Eloise W. Martin Galleries for the Applied Arts of Europe

Art Institute of Chicago, new installation open from 11 July 2025

Curated by Ellenor Alcorn, Christopher Maxwell, and Jonathan Tavares, with the assistance of Mairead Horton

The Art Institute of Chicago is pleased to open the newly designed Eloise W. Martin Galleries for the Applied Arts of Europe on 11 July 2025. The elegant space will present more than 300 objects from the Art Institute’s distinguished collections of furniture, silver, ceramics, and glass made between 1600 and 1900. The expanded presentation will allow 40% more objects to be on view than our previously installed galleries, and offer visitors a deeper and more nuanced exploration of European design during a period of extraordinary transformation.
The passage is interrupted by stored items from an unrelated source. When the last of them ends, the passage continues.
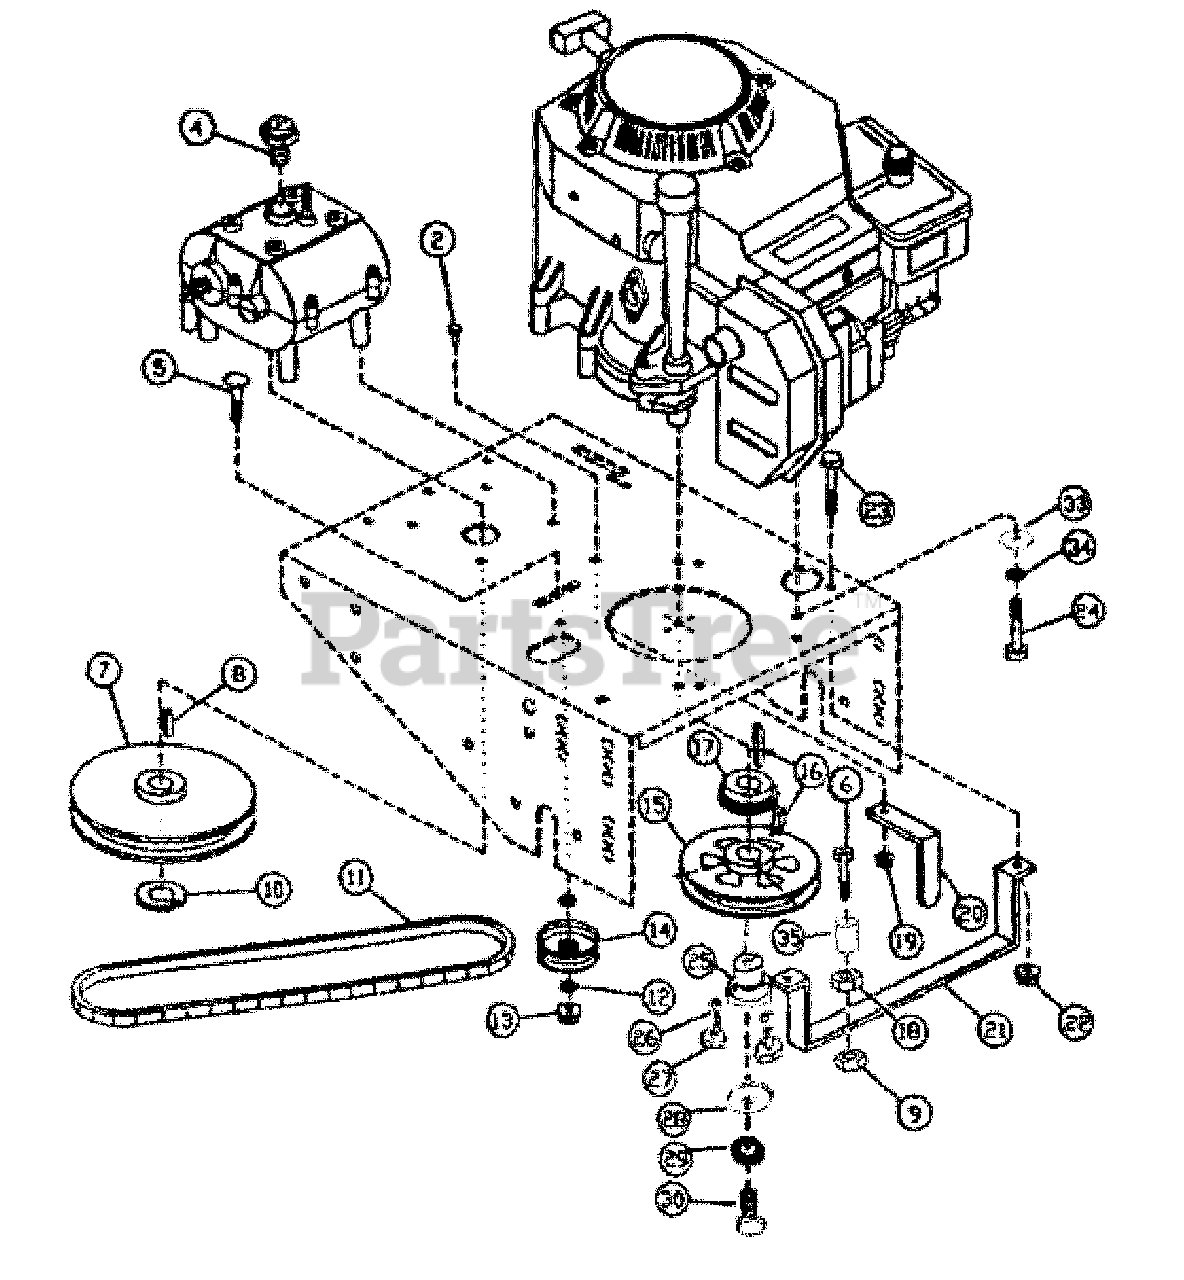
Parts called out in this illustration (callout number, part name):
2	200-045 BOLT M6`20
4	100-055 NEUTRAL SWITCH
5	200-046 BOLT M10`45
6	M10X1.5X60 HHB GR8.8
7	100-063 PULLEY TRANS
8	100-117 WOODRUFF KEY
9	200-006 NYLON NUT M10
10	200-047 SNAP-RING -10 PACK
11	100-064 TRANS. BELT
12	WASHER, 3/8 STD FLAT
13	200-006 NYLON NUT M10
14	100-065 IDLER PULLEY III
15	100-025 PULLEY SINGLE
16	100-066 KEY 6.35`6`25
17	100-067 PULLEY INPUT
18	200-016 NUT FLANGE M10
19	200-009 NYLON NUT M6
21	100-069 BELT GUIDE IV
23	200-048 HEX BOLT M8`20
24	200-049 HEX BOLT M8`40
25	100-026 H-BUSHING
26	5/16HELICAL L-WASHER
27	M8X1.25X30MM HHB
33	5/16STD FLAT WASHER.
34	5/16HELICAL L-WASHER
35	148-014 BUSHING
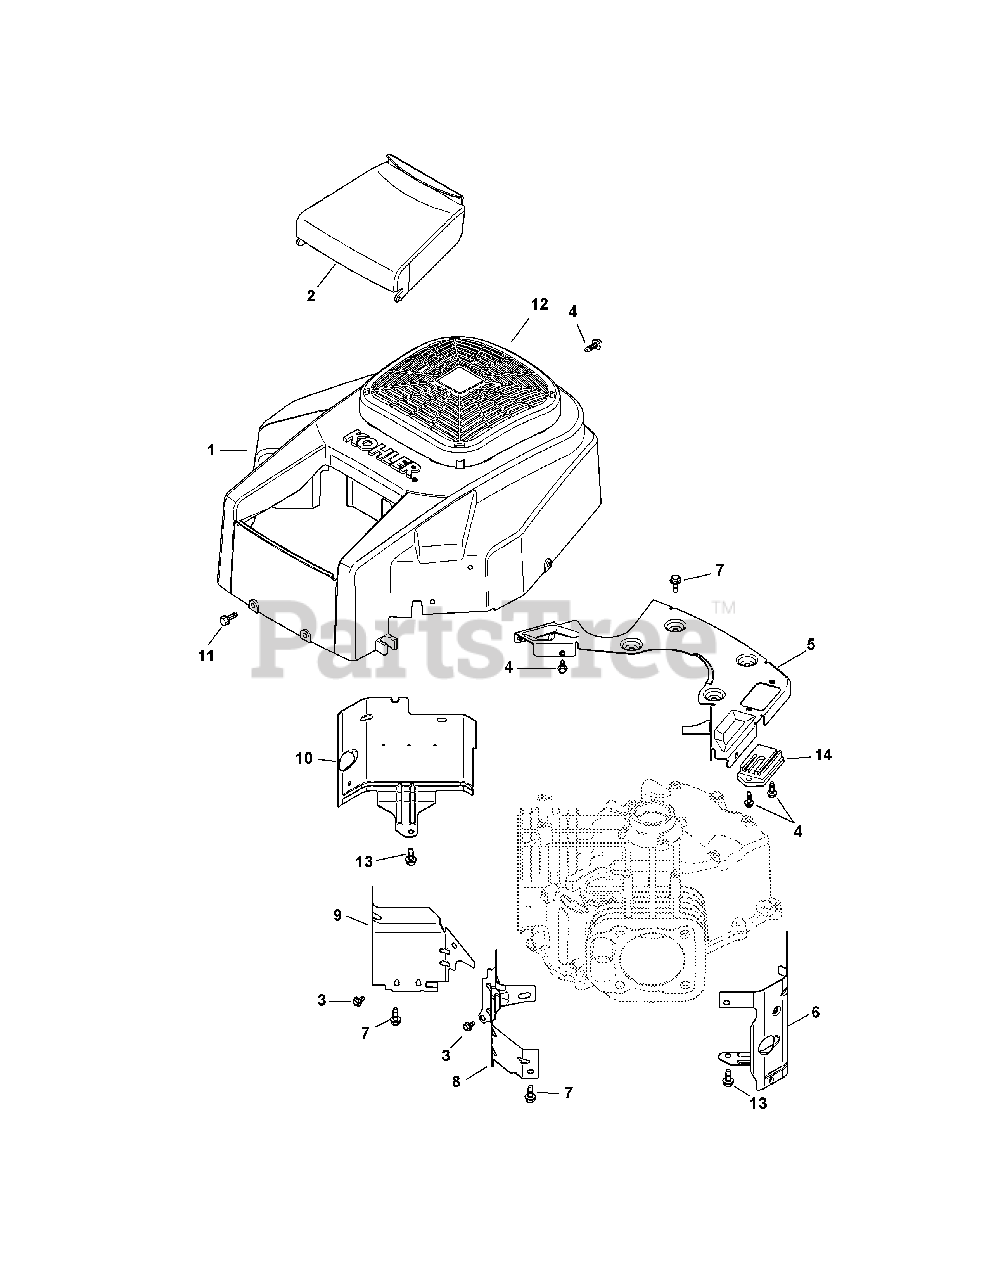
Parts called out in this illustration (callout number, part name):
1	Blower Housing Kit
2	Air Cleaner Cover
3	Flange Screw, M5 x .8 x 10
4	Flange Screw, M5 x .8 x 16
5	Backing Plate Kit
6	Cylinder Barrel Baffle, #2 Side
7	Flange Screw, M6 x 1.0 x 16
8	Valley Baffle, #2 Cylinder
9	Valley Baffle, #1 Cylinder
10	Cylinder Barrel Baffle, #1 Side
11	Screw, M6 x 1.7 x 18
13	Flange Screw, M6 x 1.0 x 10
14	Regulator/Rectifier
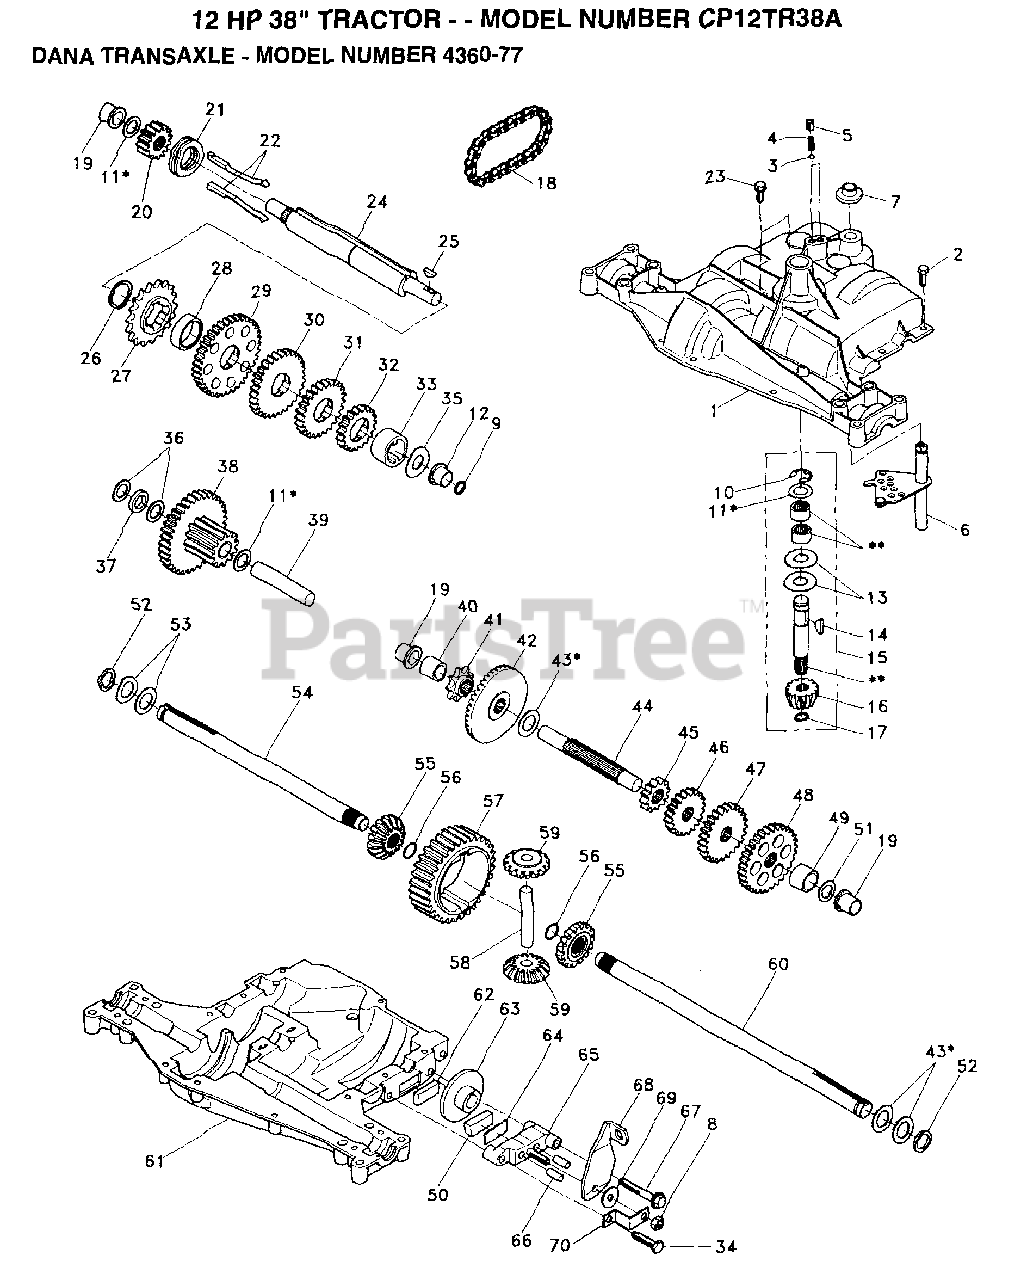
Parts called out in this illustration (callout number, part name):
1	HOUSING UPPER TRN
4	"SPRING, DETENT LT"
5	"SCREW, SET LT"
6	KIT SHIFTER ASM
7	SHIFTER BOOT
8	NUT.LOCK.5/16-24
9	SEAL OIL DANA5416
11	ASM KIT SHIM 4689
13	WASHER T
14	KEY WOODRUFF-DANA
15	AS KIT INPUT SHFT
16	PINION 14T T
17	"RING,RETAINING LT"
18	"CHAIN,24 PTCH LT"
19	BEARING.FLNG.5510
20	GEAR SPUR 14 TTH
21	COLLAR CLUTCH
22	ASM KIT CLTCH KEY
23	SCREW TAP W/SEAL
24	SHAFT INTERM DANA
25	WOODRUFF KEY
26	"RING,RETAINING LT"
27	SPROCKET 18T T
28	SPACER YT
29	GEAR SPUR 37 TTH
31	GEAR 25T LT
32	SPUR GEAR 19T
33	SPACER
34	"SCREW, TAPPING LT"
35	"WASHER, PLAIN LT"
36	WASHER 025
37	SPACER
38	ASSM GEAR COMB
39	SHAFT IDLER
40	SPACER T
41	SPROCKET 9T LT
43	ASM KIT SHIM
44	SHAFT T
45	GEAR SPUR 12 TTH
47	"GEAR, SPUR 25T LT"
48	"GEAR, SPUR 31T LT"
50	PUCK T
51	WASHER 060
52	NEOPRENE WASHER
53	WASHER 031
55	GEAR 15T T
56	"RING,RETAINING LT"
58	SHAFT T
59	GEAR 1ST T
61	HOUSING LOWER TNS
62	PUCK T
63	BRAKE DISC. T
64	SPACER LT
66	PIN T
69	WASHER LT
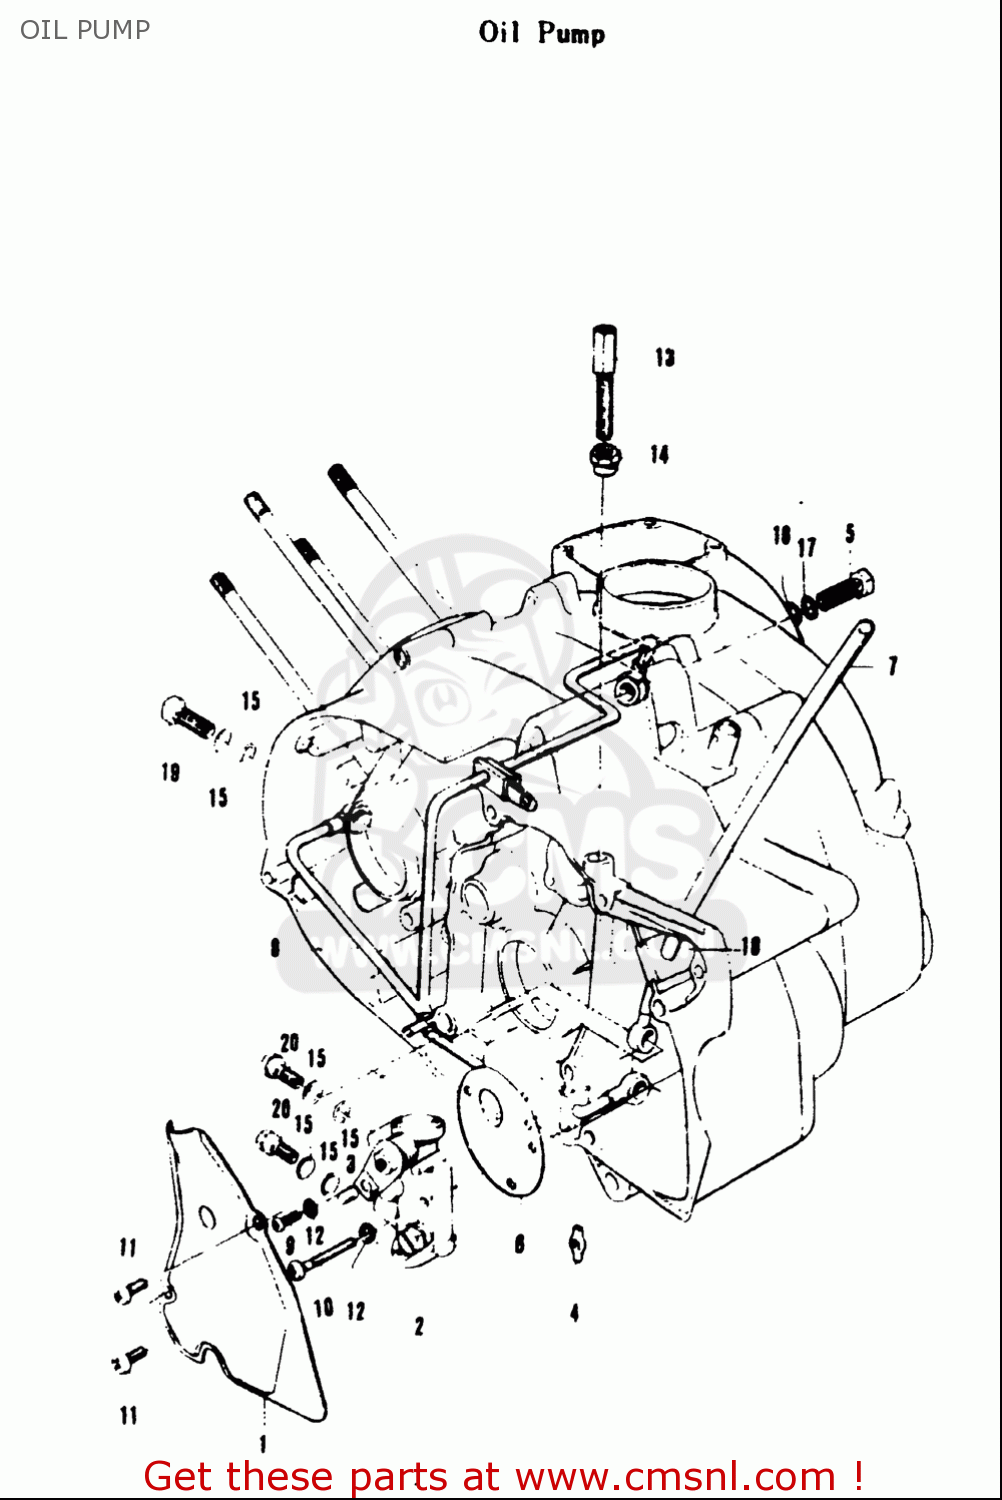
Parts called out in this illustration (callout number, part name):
3	TERMINAL,CABLE
4	PIECE,OIL PUMP DRIVE
6	GASKET,OIL PUMP (NAS)
9	SCREW
12	WASHER,LOCK
15	GASKET(6.2X11X1).2 (NAS)
16	GASKET(10X16X3) (NAS)
17	O RING(D:1.3,ID:7.6)
18	GROMMET
19	UNION BOLT

This 4,500-square-foot space follows a chronological narrative and examines the dynamic intersection of design, craftsmanship, and commerce against a backdrop of geopolitical shifts, colonialism, and innovation. This setting provided fertile ground for designers, craftspeople, and consumers to embrace new technologies and respond to the allure of newly imported materials, such as Asian porcelain and lacquer and tropical hardwoods. Iconic works from the Art Institute’s collection as well as rarely seen pieces appear alongside new acquisitions and select loans from private collections, all presented with interpretive materials that emphasize the ingenuity of European makers working in increasingly global markets.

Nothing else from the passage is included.